GELİR GRUPLARI ARASINDAKİ FARK HARCAMADAN KAYNAKLANIYOR
Sendikadan yapılan açıklamada, gelir gruplarına göre enflasyon farkının, gelir düzeyine göre tüketim tercihlerindeki değişimden kaynaklandığı belirtilerek şu ifadelere yer verildi: “2004 yılı Hanehalkı Harcama ve Gelir Anketi sonuçlarına göre en zengin yüzde 20’lik dilimin, en yoksul yüzde 20’ye göre harcamalarının payı eğitimde 6 kat, eğlence, kültür ve ulaşımda 3 kat, lokanta ve oteller için 2 kat daha fazladır. Buna karşın gıda harcamalarında en zengin yüzde 20, en yoksul yüzde 20’nin oransal olarak yüzde 40’ı kadar harcama yapmaktadır. Dolayısıyla gıda ürünlerinde gerçekleşen bir artış en yoksul yüzde 20’nin enflasyonunu daha çok etkilemektedir. Benzer bir biçimde eğitim, eğlence, kültür vb. Hizmetlerin fiyatlarında yaşanan artış en zengin yüzde 20 açısından daha önemli görünmektedir.”

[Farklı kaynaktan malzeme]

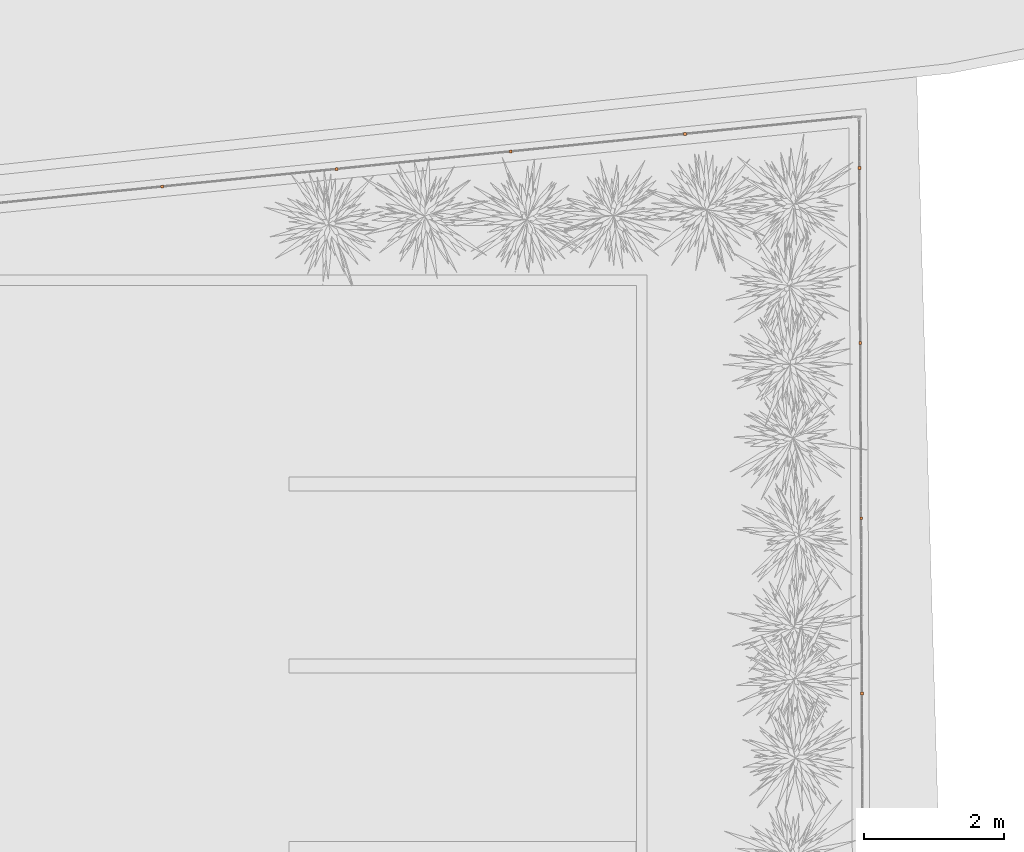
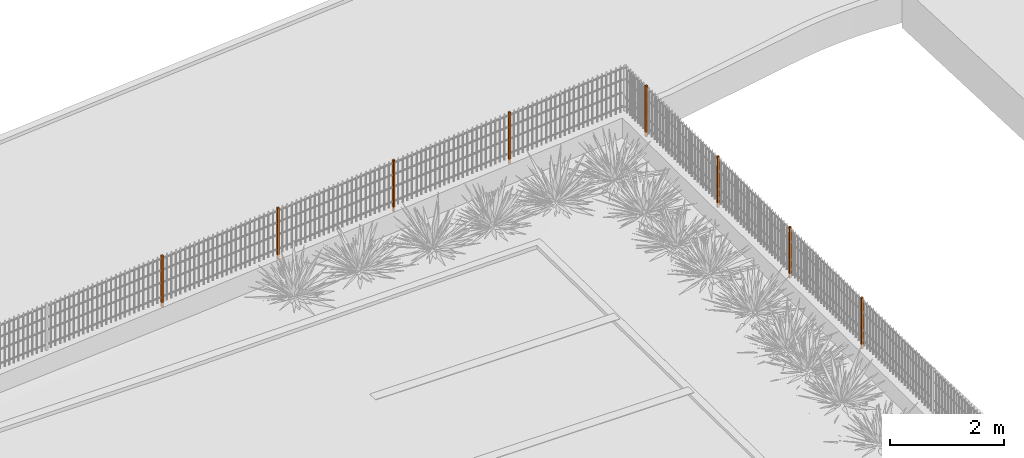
# One storey, part 51 of 1809: 8 proxies, 1 element without a shape of its own.
"""IFC2X3 building model written with IfcOpenShell, lengths in millimetres."""

from ifc_helpers import new_model, entity, si_unit, converted_unit, derived_unit, money_unit, direction, frame, origin_with_axes, place, context, subcontext, project, spatial, faceted_brep, source, transform, mapped, material, type_object, element, aggregate, save


model = new_model("IFC2X3")

# Units and contexts
model_context = context("Model", 3, precision=0.01, world=origin_with_axes(), true_north=direction((0.0, 1.0)))
body_context = subcontext(model_context, "Body", "Model", "MODEL_VIEW")
ifc_project = project(units=[si_unit("LENGTHUNIT", "METRE", prefix="MILLI"), si_unit("AREAUNIT", "SQUARE_METRE"), si_unit("VOLUMEUNIT", "CUBIC_METRE"), converted_unit("PLANEANGLEUNIT", "DEGREE", entity("IfcPlaneAngleMeasure", 0.0174532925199), si_unit("PLANEANGLEUNIT", "RADIAN"), dimensions=[0, 0, 0, 0, 0, 0, 0]), si_unit("SOLIDANGLEUNIT", "STERADIAN"), money_unit("EUR"), converted_unit("TIMEUNIT", "Year", entity("IfcTimeMeasure", 31556926.0), si_unit("TIMEUNIT", "SECOND"), dimensions=[0, 0, 1, 0, 0, 0, 0]), si_unit("MASSUNIT", "GRAM", prefix="KILO"), si_unit("THERMODYNAMICTEMPERATUREUNIT", "DEGREE_CELSIUS"), si_unit("LUMINOUSINTENSITYUNIT", "LUMEN"), si_unit("ENERGYUNIT", "JOULE", prefix="MEGA"), derived_unit("THERMALCONDUCTANCEUNIT", [(si_unit("POWERUNIT", "WATT"), 1), (si_unit("LENGTHUNIT", "METRE"), -1), (si_unit("THERMODYNAMICTEMPERATUREUNIT", "KELVIN"), -1)]), derived_unit("SPECIFICHEATCAPACITYUNIT", [(si_unit("ENERGYUNIT", "JOULE"), 1), (si_unit("MASSUNIT", "GRAM", prefix="KILO"), -1), (si_unit("THERMODYNAMICTEMPERATUREUNIT", "KELVIN"), -1)]), derived_unit("MASSDENSITYUNIT", [(si_unit("MASSUNIT", "GRAM", prefix="KILO"), 1), (si_unit("VOLUMEUNIT", "CUBIC_METRE"), -1)])], contexts=[model_context])

# Site, building, storey
site_placement = place(None, origin_with_axes())
site = spatial("IfcSite", under=ifc_project, at=site_placement, Name="Politse- ja Piirivalveameti ning Päästeameti ühishoone", CompositionType="ELEMENT")
building_placement = place(site_placement, origin_with_axes())
building = spatial("IfcBuilding", under=site, at=building_placement, Name="Politse- ja Piirivalveameti ning Päästeameti ühishoone", CompositionType="ELEMENT")
storey_placement = place(building_placement, origin_with_axes())
storey = spatial("IfcBuildingStorey", under=building, at=storey_placement, Name="Esimene korrus", CompositionType="ELEMENT", Elevation=0.0)

# Proxies
building_element_proxy_type_1 = type_object("IfcBuildingElementProxyType", Name="Railing Type", PredefinedType="NOTDEFINED")
proxy_1_placement = place(storey_placement, frame((88449.2204314, 58319.144353, 0.0), z_axis=(0.0, 0.0, 1.0), x_axis=(1.0, 0.0, 0.0)))
proxy_1 = element("IfcBuildingElementProxy", 1, at=proxy_1_placement, inside=storey, type_object=building_element_proxy_type_1, Name="PIIRDEAED")
ifc_material = material(Name="Teras - Konstruktsioon")
building_element_proxy_type_2 = type_object("IfcBuildingElementProxyType", Name="IfcBuildingElementProxy", PredefinedType="NOTDEFINED")
shared_shape_1 = source(origin_with_axes(), body_context, "Body", "Brep", [
    faceted_brep([(20.0, 20.0, 0.0), (-20.0, 20.0, 0.0), (-20.0, 20.0, 1089.70588235), (20.0, 20.0, 1089.70588235), (20.0, -20.0, 0.0), (-20.0, -20.0, 0.0), (-20.0, -20.0, 1089.70588235), (20.0, -20.0, 1089.70588235)], [[[0, 1, 2, 3]], [[0, 4, 5, 1]], [[1, 5, 6, 2]], [[3, 2, 6, 7]], [[4, 0, 3, 7]], [[5, 4, 7, 6]]]),
])
proxy_2_placement = place(proxy_1_placement, frame((418.091627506, 19961.8619921, 0.0), z_axis=(0.0, 0.0, 1.0), x_axis=(1.0, 0.0, 0.0)))
proxy_2 = element("IfcBuildingElementProxy", 2, at=proxy_2_placement, type_object=building_element_proxy_type_2, material=ifc_material, Name="SISEPOST - 001", context=body_context, shape_type="MappedRepresentation", body=[
    mapped(shared_shape_1, transform((0.0, 0.0, 0.0), x_axis=(0.999988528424, 0.00478988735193, 0.0), y_axis=(-0.00478988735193, 0.999988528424, 0.0), z_axis=(0.0, 0.0, 1.0))),
])
shared_shape_2 = source(origin_with_axes(), body_context, "Body", "Brep", [
    faceted_brep([(20.0, 20.0, 0.0), (-20.0, 20.0, 0.0), (-20.0, 20.0, 1089.70588235), (20.0, 20.0, 1089.70588235), (20.0, -20.0, 0.0), (-20.0, -20.0, 0.0), (-20.0, -20.0, 1089.70588235), (20.0, -20.0, 1089.70588235)], [[[0, 1, 2, 3]], [[0, 4, 5, 1]], [[1, 5, 6, 2]], [[3, 2, 6, 7]], [[4, 0, 3, 7]], [[5, 4, 7, 6]]]),
])
proxy_3_placement = place(proxy_1_placement, frame((430.066345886, 17461.890671, 0.0), z_axis=(0.0, 0.0, 1.0), x_axis=(1.0, 0.0, 0.0)))
proxy_3 = element("IfcBuildingElementProxy", 3, at=proxy_3_placement, type_object=building_element_proxy_type_2, material=ifc_material, Name="SISEPOST - 001", context=body_context, shape_type="MappedRepresentation", body=[
    mapped(shared_shape_2, transform((0.0, 0.0, 0.0), x_axis=(0.999988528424, 0.00478988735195, 0.0), y_axis=(-0.00478988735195, 0.999988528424, 0.0), z_axis=(0.0, 0.0, 1.0))),
])
proxy_4_placement = place(proxy_1_placement, frame((406.116909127, 22461.8333132, 0.0), z_axis=(0.0, 0.0, 1.0), x_axis=(1.0, 0.0, 0.0)))
proxy_4 = element("IfcBuildingElementProxy", 4, at=proxy_4_placement, type_object=building_element_proxy_type_2, material=ifc_material, Name="SISEPOST - 001", context=body_context, shape_type="MappedRepresentation", body=[
    mapped(shared_shape_2, transform((0.0, 0.0, 0.0), x_axis=(0.999988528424, 0.00478988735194, 0.0), y_axis=(-0.00478988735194, 0.999988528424, 0.0), z_axis=(0.0, 0.0, 1.0))),
])
proxy_5_placement = place(proxy_1_placement, frame((394.142190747, 24961.8046342, 0.0), z_axis=(0.0, 0.0, 1.0), x_axis=(1.0, 0.0, 0.0)))
proxy_5 = element("IfcBuildingElementProxy", 5, at=proxy_5_placement, type_object=building_element_proxy_type_2, material=ifc_material, Name="SISEPOST - 001", context=body_context, shape_type="MappedRepresentation", body=[
    mapped(shared_shape_2, transform((0.0, 0.0, 0.0), x_axis=(0.999988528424, 0.00478988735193, 0.0), y_axis=(-0.00478988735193, 0.999988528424, 0.0), z_axis=(0.0, 0.0, 1.0))),
])
shared_shape_3 = source(origin_with_axes(), body_context, "Body", "Brep", [
    faceted_brep([(20.0, 20.0, 0.0), (-20.0, 20.0, 0.0), (-20.0, 20.0, 1100.0), (20.0, 20.0, 1100.0), (20.0, -20.0, 0.0), (-20.0, -20.0, 0.0), (-20.0, -20.0, 1100.0), (20.0, -20.0, 1100.0)], [[[0, 1, 2, 3]], [[0, 4, 5, 1]], [[1, 5, 6, 2]], [[3, 2, 6, 7]], [[4, 0, 3, 7]], [[5, 4, 7, 6]]]),
])
proxy_6_placement = place(proxy_1_placement, frame((-2096.78190336, 25445.782703, 0.0), z_axis=(0.0, 0.0, 1.0), x_axis=(1.0, 0.0, 0.0)))
proxy_6 = element("IfcBuildingElementProxy", 6, at=proxy_6_placement, type_object=building_element_proxy_type_2, material=ifc_material, Name="SISEPOST - 001", context=body_context, shape_type="MappedRepresentation", body=[
    mapped(shared_shape_3, transform((0.0, 0.0, 0.0), x_axis=(-0.100251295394, 0.994962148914, 0.0), y_axis=(-0.994962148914, -0.100251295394, 0.0), z_axis=(0.0, 0.0, 1.0))),
])
proxy_7_placement = place(proxy_1_placement, frame((-4584.18727565, 25195.1544645, 0.0), z_axis=(0.0, 0.0, 1.0), x_axis=(1.0, 0.0, 0.0)))
proxy_7 = element("IfcBuildingElementProxy", 7, at=proxy_7_placement, type_object=building_element_proxy_type_2, material=ifc_material, Name="SISEPOST - 001", context=body_context, shape_type="MappedRepresentation", body=[
    mapped(shared_shape_3, transform((0.0, 0.0, 0.0), x_axis=(-0.100251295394, 0.994962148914, 0.0), y_axis=(-0.994962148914, -0.100251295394, 0.0), z_axis=(0.0, 0.0, 1.0))),
])
proxy_8_placement = place(proxy_1_placement, frame((-7071.59264793, 24944.5262261, 0.0), z_axis=(0.0, 0.0, 1.0), x_axis=(1.0, 0.0, 0.0)))
proxy_8 = element("IfcBuildingElementProxy", 8, at=proxy_8_placement, type_object=building_element_proxy_type_2, material=ifc_material, Name="SISEPOST - 001", context=body_context, shape_type="MappedRepresentation", body=[
    mapped(shared_shape_3, transform((0.0, 0.0, 0.0), x_axis=(-0.100251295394, 0.994962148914, 0.0), y_axis=(-0.994962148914, -0.100251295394, 0.0), z_axis=(0.0, 0.0, 1.0))),
])
proxy_9_placement = place(proxy_1_placement, frame((-9558.99802022, 24693.8979876, 0.0), z_axis=(0.0, 0.0, 1.0), x_axis=(1.0, 0.0, 0.0)))
proxy_9 = element("IfcBuildingElementProxy", 9, at=proxy_9_placement, type_object=building_element_proxy_type_2, material=ifc_material, Name="SISEPOST - 001", context=body_context, shape_type="MappedRepresentation", body=[
    mapped(shared_shape_3, transform((0.0, 0.0, 0.0), x_axis=(-0.100251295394, 0.994962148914, 0.0), y_axis=(-0.994962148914, -0.100251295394, 0.0), z_axis=(0.0, 0.0, 1.0))),
])
aggregate(proxy_1, [proxy_3, proxy_2, proxy_4, proxy_5, proxy_6, proxy_7, proxy_8, proxy_9])

save(model, "model.ifc")

En yoksul ve en zengin gelir gruplarının harcamalarının oransal karşılaştırması aşağıdaki tabloda gösterilmiştir.
ÜCRETLER ERİYOR
Birleşik Metal İş Sendikası Yönetim Kurulu tarafından yapılan açıklamada, enflasyon verilerinin emekçilerin ücretlerini baskı altında tutmanın bir aracı olarak kullanıldığı ifade edilerek, enflasyona endeksli ücret artışlarının yoksulluğun kalıcılaşması sonucunu doğurduğu belirtildi. Açıklamada “son 10 yılda imalat sanayinde verimlilik açısından yüksek artış oranlarına ulaşıldı. Buna karşın emekçilerin ücretleri artmak bir yana azaldı. Enflasyon oranları düşerken, ücret artışları enflasyondan daha hızlı eridi. Reel ücretler geriledi. Büyüme ve verimlilikten emekçilere pay verilmiyor. Tersine sömürü ve yoksulluk artıyor. Oysa tüm zenginlikleri yaratan emekçilerin alınteridir. Enflasyondaki düşüş emekçilerin ücret artışlarında da düşüşe yol açmaktadır. Emekçiler üretimden hak ettikleri payı almalıdır” denildi.